EXTRACTED DATA:
• • • • • • •
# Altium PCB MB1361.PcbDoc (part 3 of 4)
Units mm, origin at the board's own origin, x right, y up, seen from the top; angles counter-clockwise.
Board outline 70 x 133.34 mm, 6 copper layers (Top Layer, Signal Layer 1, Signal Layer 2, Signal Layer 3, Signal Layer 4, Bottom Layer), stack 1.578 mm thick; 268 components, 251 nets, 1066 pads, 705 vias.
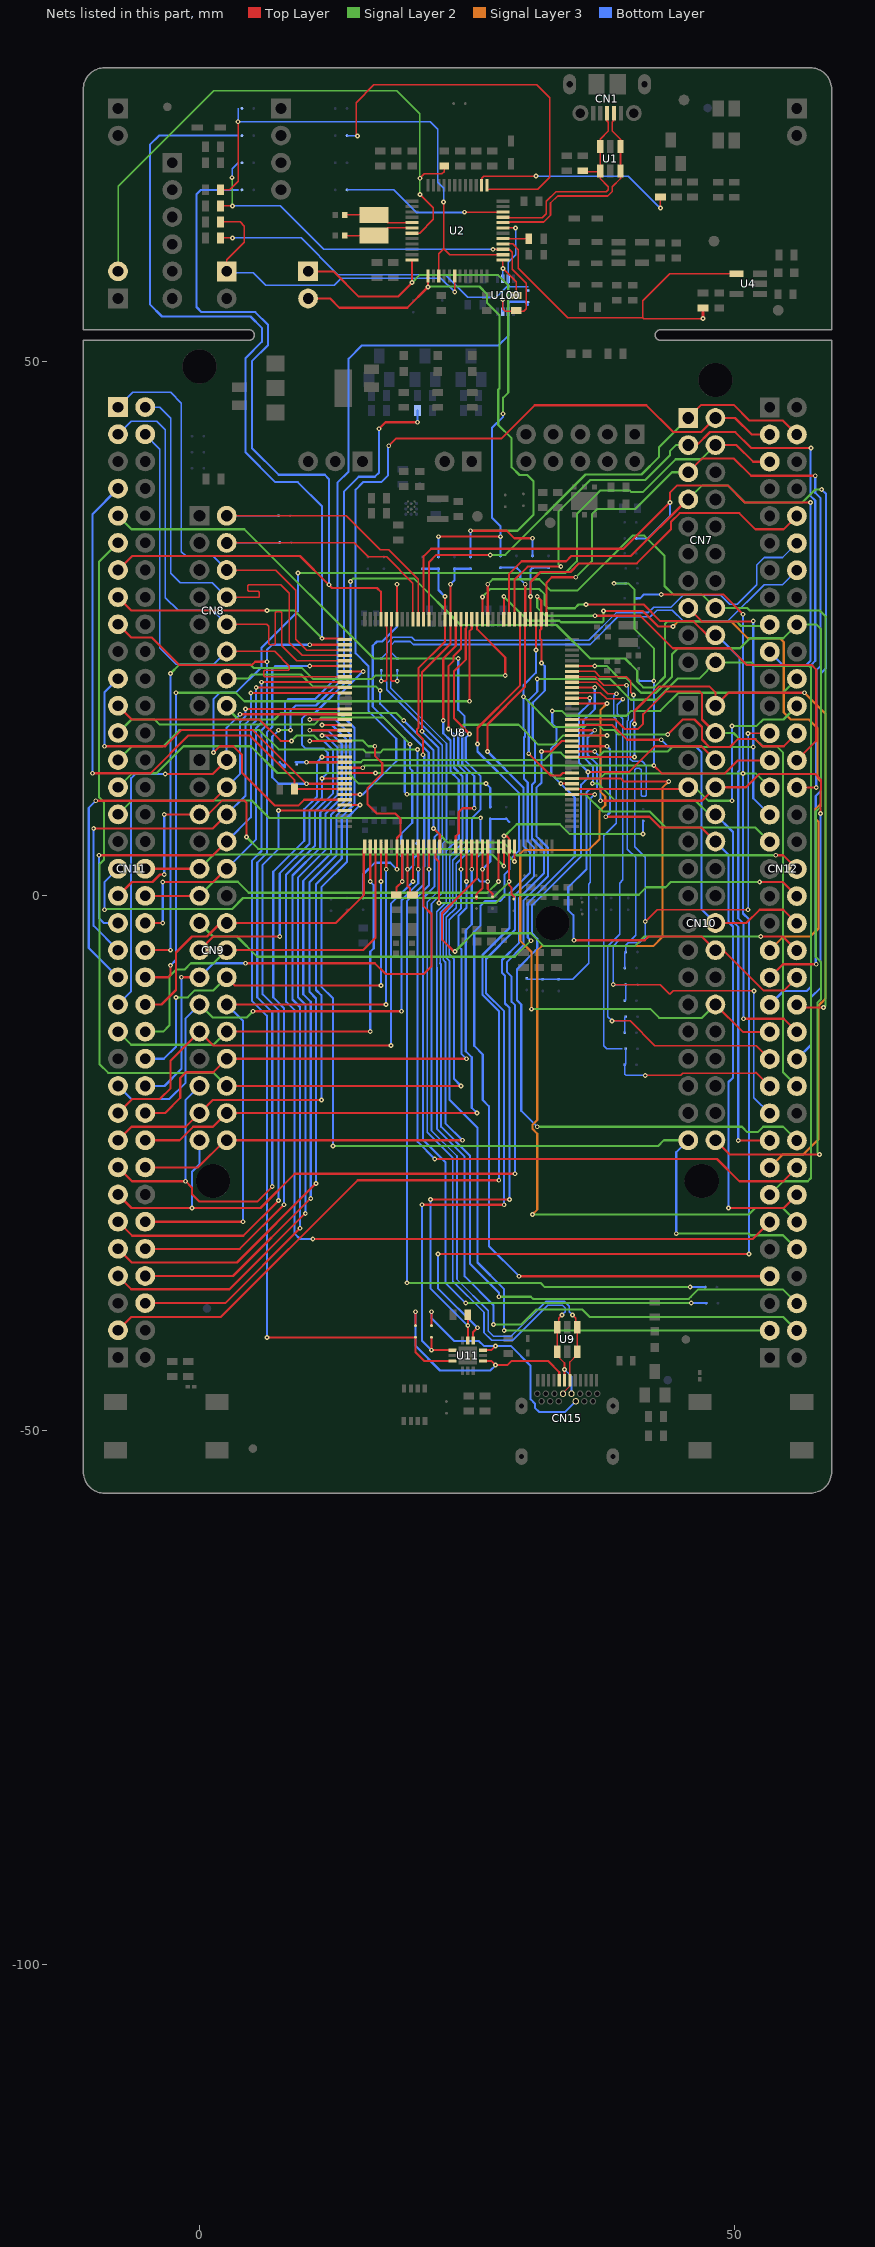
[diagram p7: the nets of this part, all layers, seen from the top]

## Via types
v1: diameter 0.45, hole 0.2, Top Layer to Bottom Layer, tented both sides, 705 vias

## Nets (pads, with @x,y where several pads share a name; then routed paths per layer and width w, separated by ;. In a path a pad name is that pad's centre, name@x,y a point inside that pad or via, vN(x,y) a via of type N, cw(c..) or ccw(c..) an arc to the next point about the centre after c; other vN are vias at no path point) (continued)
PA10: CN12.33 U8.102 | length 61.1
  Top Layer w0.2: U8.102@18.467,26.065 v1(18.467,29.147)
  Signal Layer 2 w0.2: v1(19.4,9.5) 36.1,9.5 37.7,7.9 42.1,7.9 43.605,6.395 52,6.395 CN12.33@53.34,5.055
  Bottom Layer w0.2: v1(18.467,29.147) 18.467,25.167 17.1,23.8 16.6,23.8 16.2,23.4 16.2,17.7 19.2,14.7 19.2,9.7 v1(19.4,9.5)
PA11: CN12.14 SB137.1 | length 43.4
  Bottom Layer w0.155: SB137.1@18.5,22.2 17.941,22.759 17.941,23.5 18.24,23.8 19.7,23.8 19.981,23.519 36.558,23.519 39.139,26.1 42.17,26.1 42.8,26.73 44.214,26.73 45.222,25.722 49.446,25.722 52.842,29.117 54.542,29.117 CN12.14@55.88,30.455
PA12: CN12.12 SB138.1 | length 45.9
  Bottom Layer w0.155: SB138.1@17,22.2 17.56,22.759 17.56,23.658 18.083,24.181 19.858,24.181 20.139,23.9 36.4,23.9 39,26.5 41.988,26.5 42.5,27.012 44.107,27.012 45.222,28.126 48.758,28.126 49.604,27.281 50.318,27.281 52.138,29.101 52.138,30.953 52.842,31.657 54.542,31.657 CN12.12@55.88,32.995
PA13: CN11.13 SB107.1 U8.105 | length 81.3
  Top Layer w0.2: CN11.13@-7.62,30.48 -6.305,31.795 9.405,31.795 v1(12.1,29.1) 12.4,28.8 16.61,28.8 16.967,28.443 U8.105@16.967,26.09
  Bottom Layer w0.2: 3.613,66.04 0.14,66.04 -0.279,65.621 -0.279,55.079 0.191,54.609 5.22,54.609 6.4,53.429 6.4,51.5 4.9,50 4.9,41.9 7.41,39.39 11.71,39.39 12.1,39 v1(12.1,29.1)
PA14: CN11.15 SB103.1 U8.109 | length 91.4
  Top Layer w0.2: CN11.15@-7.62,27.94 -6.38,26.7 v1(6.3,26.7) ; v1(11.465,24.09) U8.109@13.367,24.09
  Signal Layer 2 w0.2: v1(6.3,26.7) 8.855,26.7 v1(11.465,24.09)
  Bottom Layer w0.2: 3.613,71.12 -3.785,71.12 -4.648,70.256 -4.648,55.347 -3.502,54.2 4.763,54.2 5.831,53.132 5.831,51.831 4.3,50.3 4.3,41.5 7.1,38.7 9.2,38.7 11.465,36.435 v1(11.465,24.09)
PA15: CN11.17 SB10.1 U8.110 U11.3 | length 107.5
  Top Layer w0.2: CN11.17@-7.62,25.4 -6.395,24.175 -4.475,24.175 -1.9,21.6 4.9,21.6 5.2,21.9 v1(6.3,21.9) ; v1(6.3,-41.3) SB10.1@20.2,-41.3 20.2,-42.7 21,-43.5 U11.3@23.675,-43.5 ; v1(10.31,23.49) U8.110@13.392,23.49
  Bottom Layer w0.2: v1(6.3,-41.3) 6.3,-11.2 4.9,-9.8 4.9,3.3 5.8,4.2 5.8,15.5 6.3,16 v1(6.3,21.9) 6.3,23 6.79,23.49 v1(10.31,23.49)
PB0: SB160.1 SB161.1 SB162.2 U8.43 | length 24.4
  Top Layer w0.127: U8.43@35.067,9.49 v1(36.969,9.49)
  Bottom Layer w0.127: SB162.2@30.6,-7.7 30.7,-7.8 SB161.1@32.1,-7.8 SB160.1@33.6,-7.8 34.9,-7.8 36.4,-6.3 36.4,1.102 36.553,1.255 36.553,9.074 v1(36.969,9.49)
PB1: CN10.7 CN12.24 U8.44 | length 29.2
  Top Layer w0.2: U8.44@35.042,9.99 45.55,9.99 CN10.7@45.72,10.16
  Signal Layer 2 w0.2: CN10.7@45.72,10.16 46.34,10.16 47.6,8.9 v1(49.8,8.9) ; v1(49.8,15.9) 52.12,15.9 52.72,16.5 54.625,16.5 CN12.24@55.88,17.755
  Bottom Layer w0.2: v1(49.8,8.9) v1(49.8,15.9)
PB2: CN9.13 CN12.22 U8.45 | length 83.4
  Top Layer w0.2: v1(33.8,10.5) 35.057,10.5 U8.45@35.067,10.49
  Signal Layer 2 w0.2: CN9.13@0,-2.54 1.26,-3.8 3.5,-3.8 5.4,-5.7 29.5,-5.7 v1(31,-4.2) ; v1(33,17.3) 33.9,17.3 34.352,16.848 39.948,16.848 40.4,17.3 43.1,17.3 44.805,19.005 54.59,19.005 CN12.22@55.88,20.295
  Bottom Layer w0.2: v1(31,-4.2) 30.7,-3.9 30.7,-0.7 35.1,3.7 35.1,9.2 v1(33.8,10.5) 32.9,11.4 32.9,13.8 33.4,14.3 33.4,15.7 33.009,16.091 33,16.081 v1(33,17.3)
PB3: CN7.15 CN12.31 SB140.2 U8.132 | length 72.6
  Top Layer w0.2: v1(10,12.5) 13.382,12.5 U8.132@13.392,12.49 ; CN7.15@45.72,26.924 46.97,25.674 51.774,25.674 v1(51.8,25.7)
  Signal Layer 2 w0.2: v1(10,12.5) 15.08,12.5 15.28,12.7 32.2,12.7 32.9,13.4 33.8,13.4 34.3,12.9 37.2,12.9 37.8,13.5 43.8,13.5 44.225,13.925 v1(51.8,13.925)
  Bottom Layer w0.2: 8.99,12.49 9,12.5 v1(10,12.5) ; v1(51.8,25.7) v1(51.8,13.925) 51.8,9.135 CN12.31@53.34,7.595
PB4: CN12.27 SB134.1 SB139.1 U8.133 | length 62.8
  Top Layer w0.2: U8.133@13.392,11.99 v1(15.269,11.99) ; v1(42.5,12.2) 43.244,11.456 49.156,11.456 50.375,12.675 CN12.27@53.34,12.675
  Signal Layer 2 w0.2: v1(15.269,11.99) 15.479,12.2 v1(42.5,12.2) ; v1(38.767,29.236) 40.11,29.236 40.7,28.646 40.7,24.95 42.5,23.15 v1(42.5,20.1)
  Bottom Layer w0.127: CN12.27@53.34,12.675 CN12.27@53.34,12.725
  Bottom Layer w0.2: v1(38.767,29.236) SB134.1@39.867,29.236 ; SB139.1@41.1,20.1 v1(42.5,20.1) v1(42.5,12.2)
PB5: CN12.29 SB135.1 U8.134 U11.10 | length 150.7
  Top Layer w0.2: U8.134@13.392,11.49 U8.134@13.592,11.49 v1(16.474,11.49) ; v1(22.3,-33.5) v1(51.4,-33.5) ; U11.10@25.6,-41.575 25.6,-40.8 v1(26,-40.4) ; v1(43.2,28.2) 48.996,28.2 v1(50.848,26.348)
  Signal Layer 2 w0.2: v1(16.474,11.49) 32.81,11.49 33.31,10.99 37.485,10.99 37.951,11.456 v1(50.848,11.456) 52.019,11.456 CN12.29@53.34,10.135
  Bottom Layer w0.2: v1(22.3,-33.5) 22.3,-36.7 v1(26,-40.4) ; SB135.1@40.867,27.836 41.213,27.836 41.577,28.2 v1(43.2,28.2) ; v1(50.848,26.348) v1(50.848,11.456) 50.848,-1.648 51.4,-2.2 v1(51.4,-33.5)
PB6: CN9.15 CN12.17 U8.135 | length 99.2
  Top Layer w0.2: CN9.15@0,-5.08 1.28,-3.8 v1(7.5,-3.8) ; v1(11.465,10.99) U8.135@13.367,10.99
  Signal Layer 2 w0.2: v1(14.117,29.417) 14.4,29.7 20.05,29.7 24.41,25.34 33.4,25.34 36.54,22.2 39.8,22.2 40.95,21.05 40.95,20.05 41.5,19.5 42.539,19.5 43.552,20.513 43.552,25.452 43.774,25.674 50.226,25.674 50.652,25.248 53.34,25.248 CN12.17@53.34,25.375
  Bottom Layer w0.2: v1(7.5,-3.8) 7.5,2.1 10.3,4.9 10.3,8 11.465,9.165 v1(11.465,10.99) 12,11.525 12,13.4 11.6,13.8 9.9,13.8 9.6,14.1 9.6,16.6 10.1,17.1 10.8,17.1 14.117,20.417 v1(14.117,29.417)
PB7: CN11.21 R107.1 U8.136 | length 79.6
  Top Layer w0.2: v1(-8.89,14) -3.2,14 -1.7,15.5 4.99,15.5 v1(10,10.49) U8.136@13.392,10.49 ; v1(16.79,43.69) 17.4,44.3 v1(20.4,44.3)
• • • • • • •
AIM OF THE TASK: Give again, word for word, every line of the listing above from the one with "Bottom Layer w0.2: v1(22.3,-33.5)" to the one with "PB7: CN11.21 R107.1 U8.136 | length 79.6", both inclusive, and nothing beyond them.

REPLY TO THE EXERCISE:
  Bottom Layer w0.2: v1(22.3,-33.5) 22.3,-36.7 v1(26,-40.4) ; SB135.1@40.867,27.836 41.213,27.836 41.577,28.2 v1(43.2,28.2) ; v1(50.848,26.348) v1(50.848,11.456) 50.848,-1.648 51.4,-2.2 v1(51.4,-33.5)
PB6: CN9.15 CN12.17 U8.135 | length 99.2
  Top Layer w0.2: CN9.15@0,-5.08 1.28,-3.8 v1(7.5,-3.8) ; v1(11.465,10.99) U8.135@13.367,10.99
  Signal Layer 2 w0.2: v1(14.117,29.417) 14.4,29.7 20.05,29.7 24.41,25.34 33.4,25.34 36.54,22.2 39.8,22.2 40.95,21.05 40.95,20.05 41.5,19.5 42.539,19.5 43.552,20.513 43.552,25.452 43.774,25.674 50.226,25.674 50.652,25.248 53.34,25.248 CN12.17@53.34,25.375
  Bottom Layer w0.2: v1(7.5,-3.8) 7.5,2.1 10.3,4.9 10.3,8 11.465,9.165 v1(11.465,10.99) 12,11.525 12,13.4 11.6,13.8 9.9,13.8 9.6,14.1 9.6,16.6 10.1,17.1 10.8,17.1 14.117,20.417 v1(14.117,29.417)
PB7: CN11.21 R107.1 U8.136 | length 79.6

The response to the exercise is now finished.